» **EXERCISE INSTRUCTIONS**: For the string "IfcPolyline", find every matching line in the records and copy it.

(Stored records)
__________________________________________________
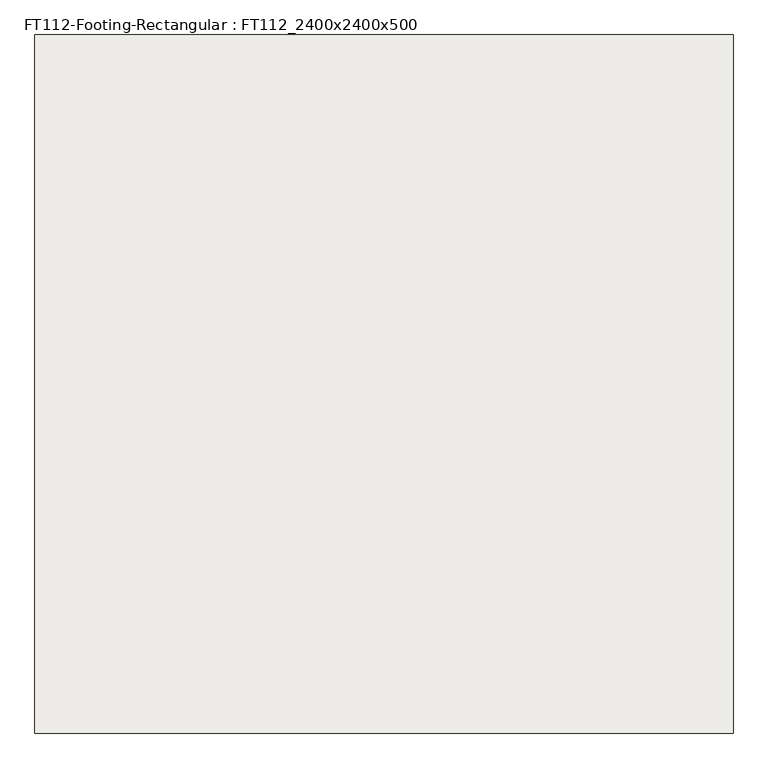
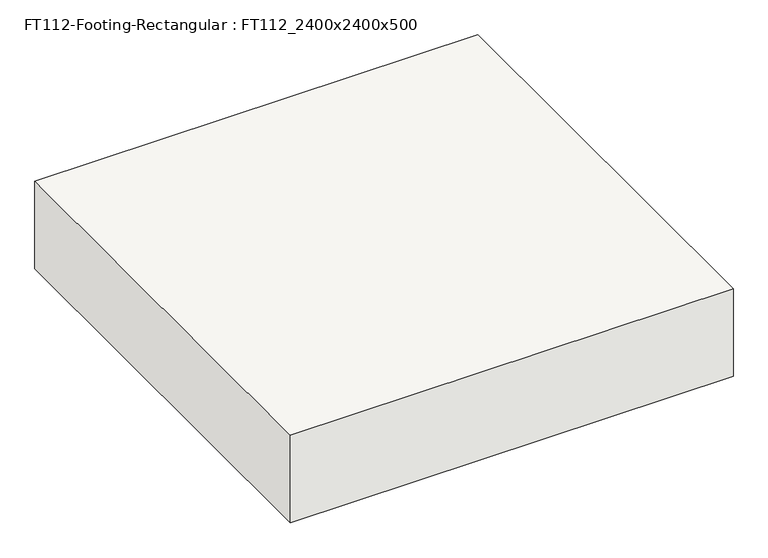
"""IFC4 building model written with IfcOpenShell, lengths in millimetres: slab geometry, FT112-Footing-Rectangular : FT112_2400x2400x500."""

import ifcopenshell
import ifcopenshell.guid

model = None  # the IFC model being written
_history = None  # IfcOwnerHistory: only IFC2X3 demands one
_inside = {}  # id of a spatial element -> (the spatial element, [elements in it])
_under = {}  # id of a project, library or spatial element -> (it, [spatial elements below it])
_declared = {}  # id of a project -> (the project, [libraries it declares])
_typed = {}  # id of a type object -> (the type object, [elements of that type])
_made_of = {}  # id of a material, layer set ... -> (it, [elements and type objects made of it])


def new_model(schema):
    """Start an empty IFC model of exactly this schema.

    Asked for "IFC4X3", IfcOpenShell would pick the latest addendum, in which some entities
    have other attributes; the version numbers below select the first issue.
    IFC2X3 requires an IfcOwnerHistory on every rooted entity: one is made here for all.
    """
    global model, _history
    if schema == "IFC4X3":
        model = ifcopenshell.file(schema_version=(4, 3, 0, 0))
    else:
        model = ifcopenshell.file(schema=schema)
    _inside.clear()
    _under.clear()
    _declared.clear()
    _typed.clear()
    _made_of.clear()
    _history = None
    if model.schema == "IFC2X3":
        org = make("IfcOrganization", Name="unknown")
        user = make(
            "IfcPersonAndOrganization",
            ThePerson=make("IfcPerson", FamilyName="unknown"),
            TheOrganization=org,
        )
        app = make(
            "IfcApplication",
            ApplicationDeveloper=org,
            Version="unknown",
            ApplicationFullName="unknown",
            ApplicationIdentifier="unknown",
        )
        _history = make(
            "IfcOwnerHistory",
            OwningUser=user,
            OwningApplication=app,
            ChangeAction="ADDED",
            CreationDate=0,
        )
    return model


def make(cls, **values):
    """One entity of the class cls with the attributes given. An attribute that is None is left unset."""
    return model.create_entity(
        cls, **{name: value for name, value in values.items() if value is not None}
    )


def rooted(cls, **values):
    """An entity with a GlobalId (a new one), such as an element, a storey or a relation."""
    return make(cls, GlobalId=ifcopenshell.guid.new(), OwnerHistory=_history, **values)


def si_unit(unit_type, name, prefix=None):
    """IfcSIUnit, for example si_unit("LENGTHUNIT", "METRE", prefix="MILLI")."""
    return make("IfcSIUnit", UnitType=unit_type, Prefix=prefix, Name=name)


def assignment(units):
    """IfcUnitAssignment: the units of a project."""
    return None if units is None else make("IfcUnitAssignment", Units=units)


def point(xyz):
    """IfcCartesianPoint."""
    return None if xyz is None else make("IfcCartesianPoint", Coordinates=xyz)


def direction(xyz):
    """IfcDirection."""
    return None if xyz is None else make("IfcDirection", DirectionRatios=xyz)


def frame(location, z_axis=None, x_axis=None):
    """IfcAxis2Placement3D, a coordinate frame: its origin and axes. An axis left out is left unset."""
    return make(
        "IfcAxis2Placement3D",
        Location=point(location),
        Axis=direction(z_axis),
        RefDirection=direction(x_axis),
    )


def origin():
    """The frame at (0, 0, 0) with its axes left unset."""
    return frame((0.0, 0.0, 0.0))


def place(relative_to, where):
    """IfcLocalPlacement: puts the frame where relative to a parent placement (None: the world)."""
    return make(
        "IfcLocalPlacement", PlacementRelTo=relative_to, RelativePlacement=where
    )


def context(
    kind, dimensions, precision=None, world=None, true_north=None, identifier=None
):
    """IfcGeometricRepresentationContext, for example the 3D "Model" context."""
    return make(
        "IfcGeometricRepresentationContext",
        ContextIdentifier=identifier,
        ContextType=kind,
        CoordinateSpaceDimension=dimensions,
        Precision=precision,
        WorldCoordinateSystem=world,
        TrueNorth=true_north,
    )


def project(units=None, contexts=None):
    """IfcProject with its units and contexts."""
    return rooted(
        "IfcProject",
        Name="project",
        RepresentationContexts=contexts,
        UnitsInContext=assignment(units),
    )


def spatial(cls, under=None, at=None, **own):
    """A site, building, storey or space (cls), placed at a placement, below another one or the project."""
    s = rooted(cls, ObjectPlacement=at, **own)
    if under is not None:
        _under.setdefault(under.id(), (under, []))[1].append(s)
    return s


def polyline(points):
    """IfcPolyline through the points."""
    return make("IfcPolyline", Points=[point(p) for p in points])


def outline(outer, holes=None, kind="AREA"):
    """IfcArbitraryClosedProfileDef: a profile drawn as a closed curve; with holes, ...WithVoids."""
    if holes is None:
        return make("IfcArbitraryClosedProfileDef", ProfileType=kind, OuterCurve=outer)
    return make(
        "IfcArbitraryProfileDefWithVoids",
        ProfileType=kind,
        OuterCurve=outer,
        InnerCurves=holes,
    )


def extrude(swept, where, along, depth):
    """IfcExtrudedAreaSolid: the profile swept, set in the frame where, extruded along a direction by depth."""
    return make(
        "IfcExtrudedAreaSolid",
        SweptArea=swept,
        Position=where,
        ExtrudedDirection=direction(along),
        Depth=depth,
    )


def shape(context_of_items, identifier, shape_type, items):
    """IfcShapeRepresentation: the items that make up one representation, for example the "Body"."""
    return make(
        "IfcShapeRepresentation",
        ContextOfItems=context_of_items,
        RepresentationIdentifier=identifier,
        RepresentationType=shape_type,
        Items=items,
    )


def source(mapping_origin, context_of_items, identifier, shape_type, items):
    """IfcRepresentationMap: a shape defined once, which mapped items show again and again."""
    return make(
        "IfcRepresentationMap",
        MappingOrigin=mapping_origin,
        MappedRepresentation=shape(context_of_items, identifier, shape_type, items),
    )


def transform(
    local_origin,
    x_axis=None,
    y_axis=None,
    z_axis=None,
    scale=None,
    scale2=None,
    scale3=None,
    uniform=True,
):
    """IfcCartesianTransformationOperator3D, or its non-uniform kind. x_axis, y_axis, z_axis: its Axis1, 2, 3."""
    if uniform:
        return make(
            "IfcCartesianTransformationOperator3D",
            Axis1=direction(x_axis),
            Axis2=direction(y_axis),
            LocalOrigin=point(local_origin),
            Scale=scale,
            Axis3=direction(z_axis),
        )
    return make(
        "IfcCartesianTransformationOperator3DnonUniform",
        Axis1=direction(x_axis),
        Axis2=direction(y_axis),
        LocalOrigin=point(local_origin),
        Scale=scale,
        Axis3=direction(z_axis),
        Scale2=scale2,
        Scale3=scale3,
    )


def mapped(mapping_source, mapping_target):
    """IfcMappedItem: shows the shape of a source again, moved by a transform."""
    return make(
        "IfcMappedItem", MappingSource=mapping_source, MappingTarget=mapping_target
    )


def made_of(thing, what):
    """Note that an element or type object is made of a material, layer set ...; save() writes the relation."""
    if what is not None:
        _made_of.setdefault(what.id(), (what, []))[1].append(thing)
    return thing


def element(
    cls,
    number,
    at=None,
    inside=None,
    cuts=None,
    type_object=None,
    material=None,
    context=None,
    identifier="Body",
    shape_type=None,
    held_by="IfcProductDefinitionShape",
    body=None,
    shapes=None,
    **own,
):
    """One element of the class cls, such as IfcWall. Its Tag is "e" and its number.

    at: its placement. inside: the storey or other place that contains it. cuts: it is an
    opening in that element (IfcRelVoidsElement). A single representation is given by context,
    identifier, shape_type and body (its items); several are given by shapes. held_by: the class
    of the entity that holds the representations. save() writes the other relations.
    """
    e = rooted(cls, Tag="e%d" % number, ObjectPlacement=at, **own)
    if body is not None:
        shapes = [shape(context, identifier, shape_type, body)]
    if shapes is not None:
        e.Representation = make(held_by, Representations=shapes)
    if inside is not None:
        _inside.setdefault(inside.id(), (inside, []))[1].append(e)
    if cuts is not None:
        rooted(
            "IfcRelVoidsElement", RelatingBuildingElement=cuts, RelatedOpeningElement=e
        )
    if type_object is not None:
        _typed.setdefault(type_object.id(), (type_object, []))[1].append(e)
    return made_of(e, material)


def aggregate(whole, parts):
    """IfcRelAggregates: a whole, such as a stair, and the parts it consists of."""
    return rooted("IfcRelAggregates", RelatingObject=whole, RelatedObjects=parts)


def save(model, path):
    """Write the relations noted so far, then the file.

    IfcRelAggregates (storeys below a building ...), IfcRelContainedInSpatialStructure (elements
    in a storey), IfcRelDefinesByType, IfcRelAssociatesMaterial and IfcRelDeclares: one each for
    every whole, place, type object, material and project.
    """
    for whole, parts in _under.values():
        aggregate(whole, parts)
    for where, things in _inside.values():
        rooted(
            "IfcRelContainedInSpatialStructure",
            RelatedElements=things,
            RelatingStructure=where,
        )
    for kind, things in _typed.values():
        rooted("IfcRelDefinesByType", RelatedObjects=things, RelatingType=kind)
    for what, things in _made_of.values():
        rooted("IfcRelAssociatesMaterial", RelatedObjects=things, RelatingMaterial=what)
    for by, libraries in _declared.values():
        rooted("IfcRelDeclares", RelatingContext=by, RelatedDefinitions=libraries)
    model.write(path)


def ft112_footing_rectangular_ft112_2400x2400x500_5fe39465(model_context):
    return source(origin(), model_context, "Body", "SweptSolid", [
        extrude(outline(polyline([(1200.0, 1200.0), (1200.0, -1200.0), (-1200.0, -1200.0), (-1200.0, 1200.0), (1200.0, 1200.0)])), frame((0.0, 0.0, -500.0), z_axis=(0.0, 0.0, 1.0), x_axis=(1.0, 0.0, 0.0)), (0.0, 0.0, 1.0), 500.0),
    ])


if __name__ == "__main__":
    model = new_model("IFC4")
    model_context = context("Model", 3, world=origin())
    ifc_project = project(units=[si_unit("LENGTHUNIT", "METRE", prefix="MILLI")], contexts=[model_context])
    site = spatial("IfcSite", under=ifc_project)
    building = spatial("IfcBuilding", under=site)
    placement = place(None, origin())
    ft112_footing_rectangular_ft112_2400x2400x500_shape = ft112_footing_rectangular_ft112_2400x2400x500_5fe39465(model_context)
    element("IfcSlab", 1, ObjectType="FT112-Footing-Rectangular : FT112_2400x2400x500", at=placement, inside=building, context=model_context, shape_type="MappedRepresentation", body=[
        mapped(ft112_footing_rectangular_ft112_2400x2400x500_shape, transform((0.0, 0.0, 0.0), x_axis=(1.0, 0.0, 0.0), y_axis=(0.0, 1.0, 0.0), z_axis=(0.0, 0.0, 1.0))),
    ])
    save(model, "model.ifc")

# Revit data of these elements
# Type "FT112-Footing-Rectangular : FT112_2400x2400x500"
#   Description = "UG Shallow Foundation"
#   Width = 2400 mm
#   Length = 2400 mm
#   Foundation Thickness = 500 mm
#   hec_material3 [instance default] = none
#   hec_material2 [instance default] = A03AE056-00001_Bitumen/Bituminous/Asphalt Coating
#   hec_material1 [instance default] = A03AC035-00001_Form Work (3 times in use)_Flat
#   Structural Material [instance default] = A03AC032-00007_Structural Concrete_Type1_25MPa-30Mpa
#   Assembly Code = ""
# Element 1 (IfcSlab, "FT112-Footing-Rectangular : FT112_2400x2400x500")
#   Structural Material = 콘크리트 - 현장타설 콘크리트
#   Materials on its faces: "콘크리트 - 현장타설 콘크리트"
# Materials
#   "A03AE056-00001_Bitumen/Bituminous/Asphalt Coating": class "Generic", colour RGB 17 17 17, transparency 0, Description = "Damp-proofing", W00) Work Master Code = "A03AE056-00001", W01) Work Master_Lv1 = "Concrete Work", W02) Work Master_Lv2 = "Concrete Protective Coating (U/G)", W03) Work Master_Spec.1 = "Bitumen/Bituminous/Asphalt Coating", Cost = 0
#   "A03AC035-00001_Form Work (3 times in use)_Flat": class "Wood", colour RGB 149 120 74, transparency 0, Description = "Plywood", W00) Work Master Code = "A03AC035-00001", W01) Work Master_Lv1 = "Concrete Work", W02) Work Master_Lv2 = "Substructure Work", W03) Work Master_Spec.1 = "Form Work (3 times in use)", W04) Work Master_Spec.2 = "Flat Form", W05) Work Master_Spec.3 = "Dressed Lumber, Plywood or Steel Form(Wood Planks are not Allowed) incl. Chamfer", Cost = 0
#   "A03AC032-00007_Structural Concrete_Type1_25MPa-30Mpa": class "Concrete", colour RGB 176 176 176, transparency 0, Keynote = "09910.A1", Description = "Reinf. Conc.", W00) Work Master Code = "A03AC032-00007", W01) Work Master_Lv1 = "Concrete Work", W02) Work Master_Lv2 = "Substructure Work", W03) Work Master_Spec.1 = "Structural Concrete", W04) Work Master_Spec.2 = "Cement Type-1", W05) Work Master_Spec.3 = "25MPa < F'c (Cylinder Strength) ≤ 30MPa", Cost = 0
#   "콘크리트 - 현장타설 콘크리트": class "콘크리트", colour RGB 192 192 192, transparency 0
__________________________________________________
» **TASK RESPONSE**:
    """IfcPolyline through the points."""
    return make("IfcPolyline", Points=[point(p) for p in points])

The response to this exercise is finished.